- [EXERCISE GOAL] Find the lines holding the string "name" in the data, then copy all of them.

Data excerpts
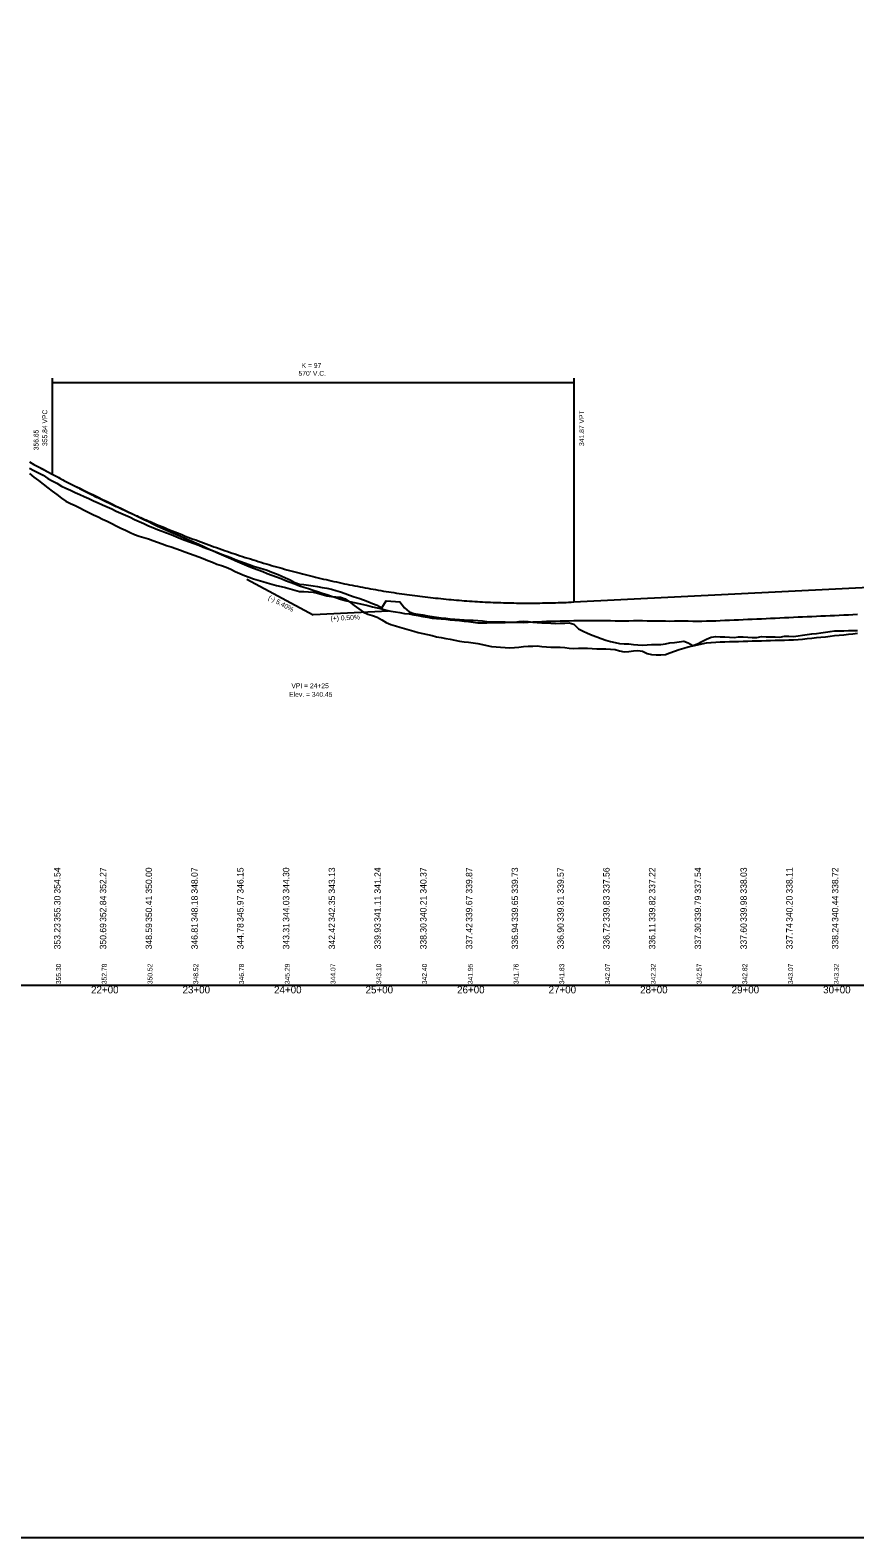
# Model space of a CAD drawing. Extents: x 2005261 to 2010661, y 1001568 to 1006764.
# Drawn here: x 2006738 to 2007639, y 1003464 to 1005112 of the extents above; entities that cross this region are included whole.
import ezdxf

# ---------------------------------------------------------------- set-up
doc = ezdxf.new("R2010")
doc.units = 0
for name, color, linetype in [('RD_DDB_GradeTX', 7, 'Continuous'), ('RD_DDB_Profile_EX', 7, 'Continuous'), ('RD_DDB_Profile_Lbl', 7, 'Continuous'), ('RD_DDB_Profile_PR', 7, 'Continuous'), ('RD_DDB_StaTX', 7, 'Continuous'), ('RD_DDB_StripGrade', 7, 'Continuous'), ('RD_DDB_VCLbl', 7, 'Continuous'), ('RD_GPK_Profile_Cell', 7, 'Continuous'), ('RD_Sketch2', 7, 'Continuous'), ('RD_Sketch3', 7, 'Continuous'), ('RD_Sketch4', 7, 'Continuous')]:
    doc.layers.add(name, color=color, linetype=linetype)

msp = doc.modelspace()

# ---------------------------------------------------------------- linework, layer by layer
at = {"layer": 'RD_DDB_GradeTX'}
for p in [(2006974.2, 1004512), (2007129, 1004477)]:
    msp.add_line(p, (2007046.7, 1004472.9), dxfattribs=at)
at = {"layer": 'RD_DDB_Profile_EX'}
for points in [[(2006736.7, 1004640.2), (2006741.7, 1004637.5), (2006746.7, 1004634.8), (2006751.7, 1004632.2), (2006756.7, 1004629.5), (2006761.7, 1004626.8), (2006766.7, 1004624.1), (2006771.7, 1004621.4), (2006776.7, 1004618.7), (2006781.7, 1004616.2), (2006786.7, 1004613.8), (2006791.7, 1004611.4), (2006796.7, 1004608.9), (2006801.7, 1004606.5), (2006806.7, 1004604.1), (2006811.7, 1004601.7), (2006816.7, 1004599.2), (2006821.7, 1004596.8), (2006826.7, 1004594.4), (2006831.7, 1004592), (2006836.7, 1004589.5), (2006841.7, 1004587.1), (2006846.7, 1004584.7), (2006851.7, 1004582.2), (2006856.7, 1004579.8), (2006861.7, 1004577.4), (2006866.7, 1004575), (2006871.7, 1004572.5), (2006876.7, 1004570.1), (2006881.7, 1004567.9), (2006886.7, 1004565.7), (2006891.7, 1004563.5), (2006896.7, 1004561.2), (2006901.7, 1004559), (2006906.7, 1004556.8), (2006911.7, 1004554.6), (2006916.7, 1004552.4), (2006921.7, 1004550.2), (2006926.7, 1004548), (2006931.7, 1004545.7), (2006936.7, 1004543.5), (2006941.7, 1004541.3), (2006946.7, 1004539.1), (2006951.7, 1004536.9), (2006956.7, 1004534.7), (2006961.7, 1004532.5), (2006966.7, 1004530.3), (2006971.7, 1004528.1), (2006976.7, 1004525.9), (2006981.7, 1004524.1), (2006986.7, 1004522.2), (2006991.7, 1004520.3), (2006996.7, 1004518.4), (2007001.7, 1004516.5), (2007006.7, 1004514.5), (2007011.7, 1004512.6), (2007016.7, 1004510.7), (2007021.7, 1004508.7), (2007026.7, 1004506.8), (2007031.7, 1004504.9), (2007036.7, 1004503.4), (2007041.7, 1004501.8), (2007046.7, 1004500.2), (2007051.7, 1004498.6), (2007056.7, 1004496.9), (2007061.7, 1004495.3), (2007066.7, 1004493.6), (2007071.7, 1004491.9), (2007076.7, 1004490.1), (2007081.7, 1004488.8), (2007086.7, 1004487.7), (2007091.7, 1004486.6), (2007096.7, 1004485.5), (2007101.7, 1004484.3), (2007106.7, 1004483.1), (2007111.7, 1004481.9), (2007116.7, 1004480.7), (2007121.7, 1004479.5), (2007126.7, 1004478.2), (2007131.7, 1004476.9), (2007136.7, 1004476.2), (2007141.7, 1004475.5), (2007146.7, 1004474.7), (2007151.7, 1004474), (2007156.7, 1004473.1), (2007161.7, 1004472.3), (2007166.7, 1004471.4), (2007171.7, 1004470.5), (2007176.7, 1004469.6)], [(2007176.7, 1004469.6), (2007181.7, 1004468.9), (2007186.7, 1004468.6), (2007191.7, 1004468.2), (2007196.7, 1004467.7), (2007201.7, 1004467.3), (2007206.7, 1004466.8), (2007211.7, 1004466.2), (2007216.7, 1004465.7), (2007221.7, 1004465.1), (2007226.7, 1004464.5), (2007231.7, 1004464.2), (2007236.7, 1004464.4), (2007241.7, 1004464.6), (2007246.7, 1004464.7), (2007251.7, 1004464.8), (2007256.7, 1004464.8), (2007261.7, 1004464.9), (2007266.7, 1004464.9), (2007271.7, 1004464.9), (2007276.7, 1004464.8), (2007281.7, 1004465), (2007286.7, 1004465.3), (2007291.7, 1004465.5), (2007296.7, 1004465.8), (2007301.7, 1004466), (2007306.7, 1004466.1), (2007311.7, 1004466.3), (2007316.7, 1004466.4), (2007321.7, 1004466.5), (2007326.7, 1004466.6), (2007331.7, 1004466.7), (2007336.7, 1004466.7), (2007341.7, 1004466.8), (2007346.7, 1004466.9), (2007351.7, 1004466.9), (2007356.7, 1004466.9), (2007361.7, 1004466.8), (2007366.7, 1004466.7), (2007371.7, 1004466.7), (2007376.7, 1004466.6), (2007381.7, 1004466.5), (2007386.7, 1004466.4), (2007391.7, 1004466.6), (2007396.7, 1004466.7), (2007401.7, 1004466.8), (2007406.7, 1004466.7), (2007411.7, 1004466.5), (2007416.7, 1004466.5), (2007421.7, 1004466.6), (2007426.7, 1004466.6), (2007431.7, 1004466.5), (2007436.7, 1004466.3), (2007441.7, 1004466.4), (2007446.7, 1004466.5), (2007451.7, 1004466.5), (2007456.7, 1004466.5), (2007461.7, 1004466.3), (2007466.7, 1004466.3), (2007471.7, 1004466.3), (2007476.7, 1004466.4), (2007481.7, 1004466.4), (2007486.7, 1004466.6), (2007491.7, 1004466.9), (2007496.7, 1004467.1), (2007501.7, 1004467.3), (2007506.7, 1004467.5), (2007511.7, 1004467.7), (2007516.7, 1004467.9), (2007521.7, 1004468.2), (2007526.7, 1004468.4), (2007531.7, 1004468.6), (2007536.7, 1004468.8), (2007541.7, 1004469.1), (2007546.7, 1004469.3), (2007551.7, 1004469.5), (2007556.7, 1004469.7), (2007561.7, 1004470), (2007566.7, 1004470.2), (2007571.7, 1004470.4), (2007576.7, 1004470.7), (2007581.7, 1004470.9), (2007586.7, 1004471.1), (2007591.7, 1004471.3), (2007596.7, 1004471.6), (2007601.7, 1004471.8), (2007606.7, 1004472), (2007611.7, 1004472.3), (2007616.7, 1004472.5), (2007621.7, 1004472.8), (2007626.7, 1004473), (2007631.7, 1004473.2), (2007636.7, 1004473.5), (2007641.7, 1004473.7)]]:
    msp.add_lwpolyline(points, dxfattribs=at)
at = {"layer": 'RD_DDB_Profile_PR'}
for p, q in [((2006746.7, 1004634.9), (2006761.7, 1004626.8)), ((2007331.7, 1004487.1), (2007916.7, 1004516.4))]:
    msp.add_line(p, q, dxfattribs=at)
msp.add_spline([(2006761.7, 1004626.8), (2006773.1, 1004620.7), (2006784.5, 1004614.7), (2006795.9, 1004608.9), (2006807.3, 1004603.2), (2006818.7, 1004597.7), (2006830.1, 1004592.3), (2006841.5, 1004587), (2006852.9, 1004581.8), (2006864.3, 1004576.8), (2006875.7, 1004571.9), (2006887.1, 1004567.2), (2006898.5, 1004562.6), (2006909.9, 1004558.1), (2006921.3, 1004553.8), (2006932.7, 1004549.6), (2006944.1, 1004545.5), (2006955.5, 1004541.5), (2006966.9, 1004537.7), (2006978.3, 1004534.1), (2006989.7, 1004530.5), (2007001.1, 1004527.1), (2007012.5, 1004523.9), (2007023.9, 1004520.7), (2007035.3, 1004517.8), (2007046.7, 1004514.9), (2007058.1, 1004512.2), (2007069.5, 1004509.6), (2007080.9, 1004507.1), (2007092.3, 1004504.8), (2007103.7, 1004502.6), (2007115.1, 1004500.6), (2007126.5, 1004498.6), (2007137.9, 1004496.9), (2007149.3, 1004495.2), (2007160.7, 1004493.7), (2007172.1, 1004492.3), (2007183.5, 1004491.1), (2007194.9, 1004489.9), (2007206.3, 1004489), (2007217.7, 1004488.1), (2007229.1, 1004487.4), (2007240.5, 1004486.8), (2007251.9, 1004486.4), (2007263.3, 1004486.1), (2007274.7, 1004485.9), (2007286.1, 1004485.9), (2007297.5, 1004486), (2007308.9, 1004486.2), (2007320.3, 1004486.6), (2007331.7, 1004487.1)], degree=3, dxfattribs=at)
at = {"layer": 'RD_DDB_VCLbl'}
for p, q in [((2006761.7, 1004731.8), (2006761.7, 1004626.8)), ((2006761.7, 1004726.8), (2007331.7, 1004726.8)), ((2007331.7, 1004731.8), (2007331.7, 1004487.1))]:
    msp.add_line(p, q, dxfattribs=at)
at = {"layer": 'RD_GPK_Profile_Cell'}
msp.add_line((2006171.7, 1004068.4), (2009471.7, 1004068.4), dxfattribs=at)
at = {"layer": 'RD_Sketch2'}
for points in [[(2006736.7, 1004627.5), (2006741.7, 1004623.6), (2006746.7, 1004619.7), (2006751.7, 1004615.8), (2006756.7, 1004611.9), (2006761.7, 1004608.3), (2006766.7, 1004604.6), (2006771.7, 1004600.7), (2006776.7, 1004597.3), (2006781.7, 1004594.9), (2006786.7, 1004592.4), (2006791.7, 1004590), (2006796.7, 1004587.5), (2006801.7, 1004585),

- [SOLUTION FOR THIS PROBLEM]
for name, color, linetype in [('RD_DDB_GradeTX', 7, 'Continuous'), ('RD_DDB_Profile_EX', 7, 'Continuous'), ('RD_DDB_Profile_Lbl', 7, 'Continuous'), ('RD_DDB_Profile_PR', 7, 'Continuous'), ('RD_DDB_StaTX', 7, 'Continuous'), ('RD_DDB_StripGrade', 7, 'Continuous'), ('RD_DDB_VCLbl', 7, 'Continuous'), ('RD_GPK_Profile_Cell', 7, 'Continuous'), ('RD_Sketch2', 7, 'Continuous'), ('RD_Sketch3', 7, 'Continuous'), ('RD_Sketch4', 7, 'Continuous')]:
    doc.layers.add(name, color=color, linetype=linetype)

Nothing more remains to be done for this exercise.